Thorpe's truck delivering to La Fonda restaurant in Vancouver late 1920's early 30's Would love to find a Cal-Ade bottle![attachment=Thorpe's truck del...est 4th Avenue.jpg]


----------



## Canadacan (Jan 27, 2015)

This is the Thorpe & Co. Ltd display at the 1930 Vancouver Pacific National Exhibition. Interesting to note they carried a line of Ginger Ale called 'Country Club'...also seen on the sides of the trucks in 1933. Is that a direct connection to Country Club Beverages that started in 1935? [attachment=Circa 1930 Thorpe ...nal Exibition..jpg]


----------



## Canadacan (Jan 27, 2015)

Here is a close up as best I can do of the Country Club Ginger Ale...I can't quite tell if there is any embossed in this display but I see lots of paper labels.....ahhh and to have one of those cardboard Bellhop bottle displays...killer man!!!! [attachment=Circa 1930 Thorpe ...bition. - Copy.jpg]


----------



## Canadacan (Jan 27, 2015)

This is now my humble little Thorpe's family of bottles, the Delaware Punch bottle just seems to really fit with the collection given the photographic images that showed it was one of the main lines they sold.[attachment=Thorpe & Co. family of bottles.jpg]


----------



## iggyworf (Jan 27, 2015)

Love the inside threads of your new one. Also love the embossed hand. Great info & pics on that company.

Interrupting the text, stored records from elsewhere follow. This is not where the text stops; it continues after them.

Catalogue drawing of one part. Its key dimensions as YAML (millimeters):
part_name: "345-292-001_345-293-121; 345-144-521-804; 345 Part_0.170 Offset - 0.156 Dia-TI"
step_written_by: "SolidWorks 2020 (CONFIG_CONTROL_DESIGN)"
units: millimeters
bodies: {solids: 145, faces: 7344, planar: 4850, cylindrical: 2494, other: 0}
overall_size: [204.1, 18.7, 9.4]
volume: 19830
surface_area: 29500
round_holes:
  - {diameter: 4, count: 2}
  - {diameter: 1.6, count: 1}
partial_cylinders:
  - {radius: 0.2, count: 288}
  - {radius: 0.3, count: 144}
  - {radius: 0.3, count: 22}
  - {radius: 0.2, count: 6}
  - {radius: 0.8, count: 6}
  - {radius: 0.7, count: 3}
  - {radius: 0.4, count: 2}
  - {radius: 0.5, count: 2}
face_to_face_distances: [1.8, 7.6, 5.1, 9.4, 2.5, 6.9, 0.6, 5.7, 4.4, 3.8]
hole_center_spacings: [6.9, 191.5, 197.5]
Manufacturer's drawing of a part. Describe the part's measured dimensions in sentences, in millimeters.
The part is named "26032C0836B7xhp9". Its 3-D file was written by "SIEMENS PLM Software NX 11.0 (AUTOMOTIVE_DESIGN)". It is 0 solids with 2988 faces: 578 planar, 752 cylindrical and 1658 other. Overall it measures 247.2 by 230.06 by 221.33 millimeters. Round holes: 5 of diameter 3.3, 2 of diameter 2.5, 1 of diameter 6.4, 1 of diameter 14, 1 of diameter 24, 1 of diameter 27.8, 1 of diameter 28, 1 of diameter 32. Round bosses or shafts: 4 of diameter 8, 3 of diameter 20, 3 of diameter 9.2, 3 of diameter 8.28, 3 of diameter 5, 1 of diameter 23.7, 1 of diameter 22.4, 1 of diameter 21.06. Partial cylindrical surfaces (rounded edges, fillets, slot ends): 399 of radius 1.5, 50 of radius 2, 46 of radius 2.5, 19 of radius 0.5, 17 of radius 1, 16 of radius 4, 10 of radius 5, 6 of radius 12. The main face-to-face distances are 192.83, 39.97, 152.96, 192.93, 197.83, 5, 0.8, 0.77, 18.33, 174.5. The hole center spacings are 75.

I always thought about collecting Canadian bottles. Seeing as I am half French Canadian. My Dad's family was from the great white north.


----------



## Canadacan (Jan 27, 2015)

Thank you for the comment iggyworf.I was researching some bottles this morning and came across this bottle, same as my inside thread but with a lemonade paper label. [attachment=Thorpe's Lemonade.jpg]


----------



## Canadacan (Jan 27, 2015)

Also found this on the net.... an amazing Root Beer paper label! This was the only pic available, it's pretty tiny but gives us a good idea what some of the other labels may have looked like. I see it used a shield symbol and is marked Vancouver & Victoria.....no mention of Nelson BC?   [attachment=Thorpe root beer.jpg]


----------



## Robby Raccoon (Jan 27, 2015)

What stands out to me the most is actually that it says "PROTECTED" upon it-- I've not seen that before. I love the amount of embossing. Grand bottles.


----------



## CanadianBottles (Jan 27, 2015)

That internal thread is the same one I have.  Mine has a stopper from a different company I've never heard of, though I've never been able to decipher the name.  Could likely be a British one that made its way over here recently and was just stuck in the bottle because it needed a stopper.That Country Club relation is interesting, especially since it looks like they also had something called Thorpe's Pale Dry Ginger Ale at the same time.  I think it says "Blends with friends" under Ginger Ale on the sign, which means it's their slogan on the trucks, not Seven-Up's.  Seems like there's a pretty likely connection between the two companies, considering that Country Club took over Thorpe's Seven Up franchise.  Are you sure that they didn't just rebrand themselves as Country Club instead of being two separate businesses?


----------



## CanadianBottles (Jan 27, 2015)

iggyworf said:
			
		

> Love the inside threads of your new one. Also love the embossed hand. Great info & pics on that company. I always thought about collecting Canadian bottles. Seeing as I am half French Canadian. My Dad's family was from the great white north.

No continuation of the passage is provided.